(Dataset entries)
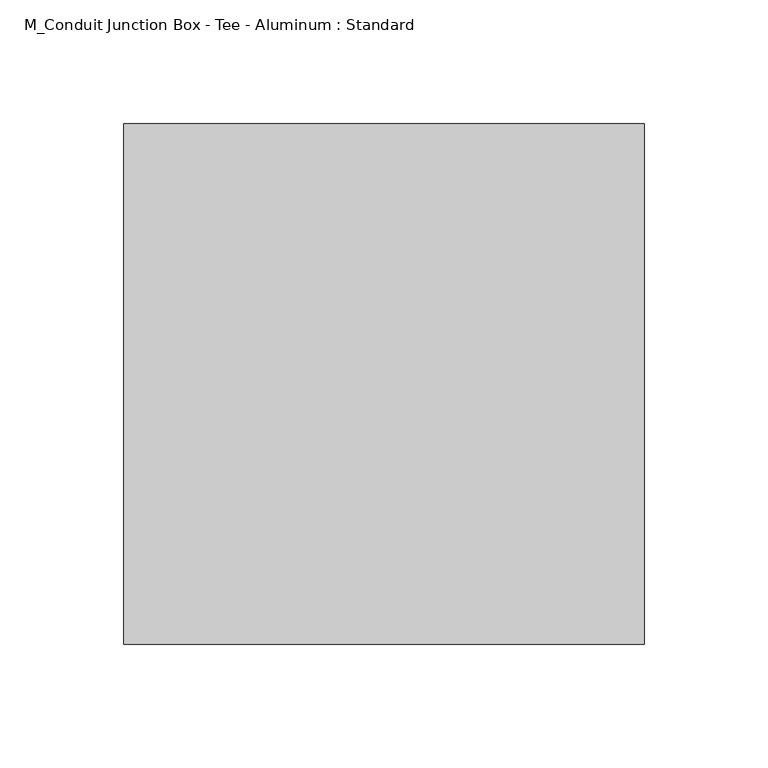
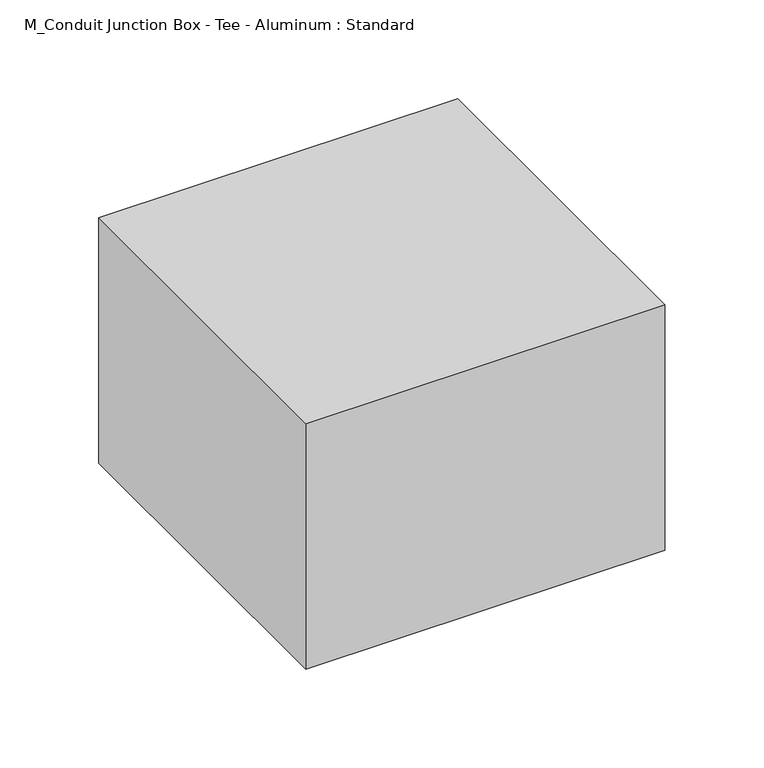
"""IFC4 building model written with IfcOpenShell, lengths in millimetres: cable carrier fitting geometry, M_Conduit Junction Box - Tee - Aluminum : Standard."""

from ifc_helpers import new_model, si_unit, frame, origin, place, context, project, spatial, polyline, outline, extrude, source, transform, mapped, element, save


def m_conduit_junction_box_tee_aluminum_standard_6fbf93d3(model_context):
    return source(origin(), model_context, "Body", "SweptSolid", [
        extrude(outline(polyline([(105.0, 105.0), (105.0, -105.0), (-105.0, -105.0), (-105.0, 105.0), (105.0, 105.0)])), frame((0.0, 0.0, -76.0), z_axis=(0.0, 0.0, 1.0), x_axis=(1.0, 0.0, 0.0)), (0.0, 0.0, 1.0), 152.0),
    ])


if __name__ == "__main__":
    model = new_model("IFC4")
    model_context = context("Model", 3, world=origin())
    ifc_project = project(units=[si_unit("LENGTHUNIT", "METRE", prefix="MILLI")], contexts=[model_context])
    site = spatial("IfcSite", under=ifc_project)
    building = spatial("IfcBuilding", under=site)
    placement = place(None, origin())
    m_conduit_junction_box_tee_aluminum_standard_shape = m_conduit_junction_box_tee_aluminum_standard_6fbf93d3(model_context)
    element("IfcCableCarrierFitting", 1, ObjectType="M_Conduit Junction Box - Tee - Aluminum : Standard", at=placement, inside=building, context=model_context, shape_type="MappedRepresentation", body=[
        mapped(m_conduit_junction_box_tee_aluminum_standard_shape, transform((0.0, 0.0, 0.0), x_axis=(1.0, 0.0, 0.0), y_axis=(0.0, 1.0, 0.0), z_axis=(0.0, 0.0, 1.0))),
    ])
    save(model, "model.ifc")

#### [WORK REQUIRED]
Repeat only the lines between the start of the data and the line with "placement = place(None, origin())", including those two lines, and skip the pictures.

#### [ANSWER SECTION]
"""IFC4 building model written with IfcOpenShell, lengths in millimetres: cable carrier fitting geometry, M_Conduit Junction Box - Tee - Aluminum : Standard."""

from ifc_helpers import new_model, si_unit, frame, origin, place, context, project, spatial, polyline, outline, extrude, source, transform, mapped, element, save


def m_conduit_junction_box_tee_aluminum_standard_6fbf93d3(model_context):
    return source(origin(), model_context, "Body", "SweptSolid", [
        extrude(outline(polyline([(105.0, 105.0), (105.0, -105.0), (-105.0, -105.0), (-105.0, 105.0), (105.0, 105.0)])), frame((0.0, 0.0, -76.0), z_axis=(0.0, 0.0, 1.0), x_axis=(1.0, 0.0, 0.0)), (0.0, 0.0, 1.0), 152.0),
    ])


if __name__ == "__main__":
    model = new_model("IFC4")
    model_context = context("Model", 3, world=origin())
    ifc_project = project(units=[si_unit("LENGTHUNIT", "METRE", prefix="MILLI")], contexts=[model_context])
    site = spatial("IfcSite", under=ifc_project)
    building = spatial("IfcBuilding", under=site)
    placement = place(None, origin())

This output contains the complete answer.